Exercise requirements:
Return the lines of the data below exactly. Start at the first and end with the line containing "Converter', 'C3D Toolkit', '');".

Data extract:
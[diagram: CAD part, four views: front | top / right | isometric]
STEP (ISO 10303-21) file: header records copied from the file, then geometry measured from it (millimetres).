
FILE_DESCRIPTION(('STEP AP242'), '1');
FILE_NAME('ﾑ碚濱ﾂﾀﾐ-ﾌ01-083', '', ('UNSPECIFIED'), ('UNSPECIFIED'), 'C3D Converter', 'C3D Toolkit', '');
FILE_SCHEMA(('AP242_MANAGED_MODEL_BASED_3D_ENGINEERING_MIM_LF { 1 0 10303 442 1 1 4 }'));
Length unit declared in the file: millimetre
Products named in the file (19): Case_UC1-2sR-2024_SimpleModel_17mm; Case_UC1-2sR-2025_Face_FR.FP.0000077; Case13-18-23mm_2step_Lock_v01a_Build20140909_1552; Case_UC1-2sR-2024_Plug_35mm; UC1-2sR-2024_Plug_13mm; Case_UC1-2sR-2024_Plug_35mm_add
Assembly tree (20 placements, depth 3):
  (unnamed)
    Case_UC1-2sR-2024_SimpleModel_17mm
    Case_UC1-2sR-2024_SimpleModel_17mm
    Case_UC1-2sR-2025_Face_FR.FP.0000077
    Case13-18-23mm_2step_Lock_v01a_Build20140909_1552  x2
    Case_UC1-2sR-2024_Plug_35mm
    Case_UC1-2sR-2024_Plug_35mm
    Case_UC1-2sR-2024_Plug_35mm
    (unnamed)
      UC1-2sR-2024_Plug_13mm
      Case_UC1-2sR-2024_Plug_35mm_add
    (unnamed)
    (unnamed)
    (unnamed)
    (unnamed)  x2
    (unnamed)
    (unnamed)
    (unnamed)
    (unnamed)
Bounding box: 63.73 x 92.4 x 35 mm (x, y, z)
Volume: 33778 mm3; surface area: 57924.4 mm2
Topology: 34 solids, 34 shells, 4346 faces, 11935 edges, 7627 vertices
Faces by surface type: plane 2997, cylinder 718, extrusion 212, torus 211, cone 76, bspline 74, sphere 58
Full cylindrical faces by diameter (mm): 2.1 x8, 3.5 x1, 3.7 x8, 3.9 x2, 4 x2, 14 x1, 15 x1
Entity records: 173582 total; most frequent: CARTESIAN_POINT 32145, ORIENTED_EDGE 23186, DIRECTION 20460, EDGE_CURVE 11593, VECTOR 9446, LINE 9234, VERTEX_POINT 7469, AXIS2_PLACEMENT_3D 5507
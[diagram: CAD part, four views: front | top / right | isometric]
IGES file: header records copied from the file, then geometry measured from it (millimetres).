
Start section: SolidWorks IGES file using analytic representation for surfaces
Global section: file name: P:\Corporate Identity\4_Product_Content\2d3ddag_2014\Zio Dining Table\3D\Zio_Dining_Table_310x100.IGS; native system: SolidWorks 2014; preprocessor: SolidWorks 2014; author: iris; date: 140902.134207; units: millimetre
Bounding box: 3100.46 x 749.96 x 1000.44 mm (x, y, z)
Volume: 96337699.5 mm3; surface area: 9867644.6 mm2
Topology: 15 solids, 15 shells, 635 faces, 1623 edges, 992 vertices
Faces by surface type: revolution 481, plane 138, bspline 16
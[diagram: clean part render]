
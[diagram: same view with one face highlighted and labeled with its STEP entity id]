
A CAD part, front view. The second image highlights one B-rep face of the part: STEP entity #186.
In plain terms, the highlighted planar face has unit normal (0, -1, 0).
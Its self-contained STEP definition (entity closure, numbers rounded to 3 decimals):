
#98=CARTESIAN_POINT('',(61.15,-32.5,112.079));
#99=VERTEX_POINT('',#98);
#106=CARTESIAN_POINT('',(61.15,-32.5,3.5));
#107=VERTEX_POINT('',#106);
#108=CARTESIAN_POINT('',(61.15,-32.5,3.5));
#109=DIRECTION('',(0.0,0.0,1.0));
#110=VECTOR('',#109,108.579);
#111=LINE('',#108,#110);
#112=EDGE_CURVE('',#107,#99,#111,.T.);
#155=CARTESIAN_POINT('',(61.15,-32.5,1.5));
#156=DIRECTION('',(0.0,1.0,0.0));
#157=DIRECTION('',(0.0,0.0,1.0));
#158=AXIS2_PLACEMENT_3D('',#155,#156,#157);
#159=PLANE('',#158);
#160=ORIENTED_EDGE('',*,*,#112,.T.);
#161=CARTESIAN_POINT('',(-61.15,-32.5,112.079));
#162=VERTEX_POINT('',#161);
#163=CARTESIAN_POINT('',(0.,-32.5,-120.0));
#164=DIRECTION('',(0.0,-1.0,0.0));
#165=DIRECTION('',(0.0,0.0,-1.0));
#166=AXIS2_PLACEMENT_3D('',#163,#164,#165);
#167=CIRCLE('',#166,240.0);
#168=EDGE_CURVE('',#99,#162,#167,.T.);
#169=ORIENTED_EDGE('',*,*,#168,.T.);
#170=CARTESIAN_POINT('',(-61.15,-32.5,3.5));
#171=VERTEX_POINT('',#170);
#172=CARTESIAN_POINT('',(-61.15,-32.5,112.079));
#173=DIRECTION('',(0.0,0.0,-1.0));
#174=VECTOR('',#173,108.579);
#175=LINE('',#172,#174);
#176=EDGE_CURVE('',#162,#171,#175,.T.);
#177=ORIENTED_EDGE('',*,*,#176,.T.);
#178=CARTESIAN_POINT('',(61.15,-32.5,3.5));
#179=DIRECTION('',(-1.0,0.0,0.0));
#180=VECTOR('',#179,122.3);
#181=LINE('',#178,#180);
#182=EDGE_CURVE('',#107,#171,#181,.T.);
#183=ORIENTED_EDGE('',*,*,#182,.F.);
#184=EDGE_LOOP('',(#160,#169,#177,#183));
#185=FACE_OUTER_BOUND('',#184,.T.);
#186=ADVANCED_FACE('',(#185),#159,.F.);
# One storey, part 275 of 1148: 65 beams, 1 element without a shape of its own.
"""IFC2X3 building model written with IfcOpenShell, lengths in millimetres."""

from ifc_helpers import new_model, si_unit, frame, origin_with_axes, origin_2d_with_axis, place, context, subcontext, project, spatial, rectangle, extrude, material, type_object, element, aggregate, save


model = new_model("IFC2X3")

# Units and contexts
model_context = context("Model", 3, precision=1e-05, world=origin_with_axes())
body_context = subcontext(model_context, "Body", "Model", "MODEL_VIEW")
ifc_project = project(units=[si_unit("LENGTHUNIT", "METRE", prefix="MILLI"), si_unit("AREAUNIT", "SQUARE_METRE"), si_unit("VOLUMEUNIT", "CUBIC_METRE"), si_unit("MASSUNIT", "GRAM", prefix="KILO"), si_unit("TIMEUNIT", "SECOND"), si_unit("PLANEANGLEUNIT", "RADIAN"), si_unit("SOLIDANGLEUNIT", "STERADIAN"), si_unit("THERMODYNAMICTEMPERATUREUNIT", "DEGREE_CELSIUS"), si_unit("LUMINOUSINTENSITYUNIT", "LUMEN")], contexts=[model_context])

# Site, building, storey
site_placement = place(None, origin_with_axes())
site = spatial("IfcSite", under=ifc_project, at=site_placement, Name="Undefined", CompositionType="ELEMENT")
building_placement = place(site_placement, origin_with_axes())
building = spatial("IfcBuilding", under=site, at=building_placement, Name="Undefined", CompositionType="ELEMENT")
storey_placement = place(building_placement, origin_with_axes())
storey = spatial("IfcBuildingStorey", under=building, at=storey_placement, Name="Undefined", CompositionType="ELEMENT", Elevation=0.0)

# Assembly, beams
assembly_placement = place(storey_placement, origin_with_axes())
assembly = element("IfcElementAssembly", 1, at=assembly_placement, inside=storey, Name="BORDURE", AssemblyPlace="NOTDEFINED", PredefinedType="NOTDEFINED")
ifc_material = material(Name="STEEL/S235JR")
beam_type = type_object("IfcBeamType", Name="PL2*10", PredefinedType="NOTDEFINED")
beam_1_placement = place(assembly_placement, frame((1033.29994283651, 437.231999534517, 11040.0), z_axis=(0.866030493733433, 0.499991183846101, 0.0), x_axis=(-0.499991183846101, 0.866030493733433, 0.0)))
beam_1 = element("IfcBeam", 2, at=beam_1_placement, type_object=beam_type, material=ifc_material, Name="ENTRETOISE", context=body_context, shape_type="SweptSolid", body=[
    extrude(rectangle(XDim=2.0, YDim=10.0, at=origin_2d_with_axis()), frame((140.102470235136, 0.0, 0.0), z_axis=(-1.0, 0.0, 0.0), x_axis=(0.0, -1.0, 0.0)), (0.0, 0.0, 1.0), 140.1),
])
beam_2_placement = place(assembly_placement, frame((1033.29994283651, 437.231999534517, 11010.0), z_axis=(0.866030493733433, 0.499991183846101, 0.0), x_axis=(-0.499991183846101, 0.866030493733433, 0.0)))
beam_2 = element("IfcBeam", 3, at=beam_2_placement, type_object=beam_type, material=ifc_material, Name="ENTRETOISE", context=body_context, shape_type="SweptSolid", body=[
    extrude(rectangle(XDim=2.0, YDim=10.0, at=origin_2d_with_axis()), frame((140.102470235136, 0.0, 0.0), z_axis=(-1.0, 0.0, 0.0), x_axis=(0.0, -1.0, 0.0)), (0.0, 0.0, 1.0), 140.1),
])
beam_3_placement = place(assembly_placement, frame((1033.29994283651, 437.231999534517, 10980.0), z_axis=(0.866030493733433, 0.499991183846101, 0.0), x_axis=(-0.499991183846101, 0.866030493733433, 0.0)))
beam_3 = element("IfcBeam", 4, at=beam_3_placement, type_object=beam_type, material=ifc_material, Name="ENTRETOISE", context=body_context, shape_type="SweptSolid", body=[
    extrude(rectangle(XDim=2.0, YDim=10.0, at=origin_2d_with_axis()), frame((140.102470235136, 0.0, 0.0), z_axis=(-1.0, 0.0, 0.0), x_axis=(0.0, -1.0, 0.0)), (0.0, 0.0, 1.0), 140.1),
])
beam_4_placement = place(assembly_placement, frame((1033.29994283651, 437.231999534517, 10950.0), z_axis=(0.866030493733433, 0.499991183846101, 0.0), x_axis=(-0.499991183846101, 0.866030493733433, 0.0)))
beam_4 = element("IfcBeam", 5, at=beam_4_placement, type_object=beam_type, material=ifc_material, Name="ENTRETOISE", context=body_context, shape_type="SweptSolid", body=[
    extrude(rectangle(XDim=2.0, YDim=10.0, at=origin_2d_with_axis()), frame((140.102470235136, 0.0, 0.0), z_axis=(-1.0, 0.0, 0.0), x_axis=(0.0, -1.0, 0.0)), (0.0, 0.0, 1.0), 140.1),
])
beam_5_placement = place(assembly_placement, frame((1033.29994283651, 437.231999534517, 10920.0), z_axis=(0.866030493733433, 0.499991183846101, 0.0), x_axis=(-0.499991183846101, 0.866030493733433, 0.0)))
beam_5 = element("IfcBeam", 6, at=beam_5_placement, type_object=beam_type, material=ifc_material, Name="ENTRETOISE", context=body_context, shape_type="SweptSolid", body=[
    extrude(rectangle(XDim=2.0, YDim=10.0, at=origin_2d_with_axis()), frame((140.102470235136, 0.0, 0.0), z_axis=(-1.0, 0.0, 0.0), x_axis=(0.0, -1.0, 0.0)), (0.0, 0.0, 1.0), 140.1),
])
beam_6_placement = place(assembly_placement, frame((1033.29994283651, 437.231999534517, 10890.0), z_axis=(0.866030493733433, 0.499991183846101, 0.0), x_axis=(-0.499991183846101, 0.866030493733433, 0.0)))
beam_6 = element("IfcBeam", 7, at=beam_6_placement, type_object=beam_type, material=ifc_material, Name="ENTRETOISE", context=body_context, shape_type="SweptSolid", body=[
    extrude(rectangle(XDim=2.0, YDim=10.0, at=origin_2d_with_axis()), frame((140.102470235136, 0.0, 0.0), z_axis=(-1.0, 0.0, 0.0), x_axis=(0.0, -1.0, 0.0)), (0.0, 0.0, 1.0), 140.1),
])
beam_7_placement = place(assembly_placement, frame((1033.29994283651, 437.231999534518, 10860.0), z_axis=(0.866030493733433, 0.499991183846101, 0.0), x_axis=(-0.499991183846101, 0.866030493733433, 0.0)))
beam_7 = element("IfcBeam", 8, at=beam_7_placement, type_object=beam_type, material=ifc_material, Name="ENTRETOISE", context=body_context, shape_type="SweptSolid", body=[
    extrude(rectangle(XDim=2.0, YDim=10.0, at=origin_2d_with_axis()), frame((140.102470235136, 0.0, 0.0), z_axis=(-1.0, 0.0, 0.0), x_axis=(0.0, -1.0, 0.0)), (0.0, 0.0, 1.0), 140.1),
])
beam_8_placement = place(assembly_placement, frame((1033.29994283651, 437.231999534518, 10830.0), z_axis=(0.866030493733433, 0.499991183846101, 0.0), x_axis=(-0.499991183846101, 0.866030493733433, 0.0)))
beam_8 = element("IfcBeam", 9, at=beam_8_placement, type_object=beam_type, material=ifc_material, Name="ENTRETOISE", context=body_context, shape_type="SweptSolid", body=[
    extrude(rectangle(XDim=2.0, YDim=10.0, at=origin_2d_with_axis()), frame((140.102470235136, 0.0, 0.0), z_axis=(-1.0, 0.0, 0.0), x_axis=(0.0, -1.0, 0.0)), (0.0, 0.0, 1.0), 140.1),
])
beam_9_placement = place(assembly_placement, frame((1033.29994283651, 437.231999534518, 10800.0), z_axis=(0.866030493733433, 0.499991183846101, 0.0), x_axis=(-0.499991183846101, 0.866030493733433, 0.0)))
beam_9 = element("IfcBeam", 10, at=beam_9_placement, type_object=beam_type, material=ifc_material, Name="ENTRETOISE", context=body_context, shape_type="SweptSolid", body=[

Exercise output:
[diagram: CAD part, four views: front | top / right | isometric]
STEP (ISO 10303-21) file: header records copied from the file, then geometry measured from it (millimetres).
FILE_DESCRIPTION(('STEP AP242'), '1');
FILE_NAME('ﾑ碚濱ﾂﾀﾐ-ﾌ01-083', '', ('UNSPECIFIED'), ('UNSPECIFIED'), 'C3D Converter', 'C3D Toolkit', '');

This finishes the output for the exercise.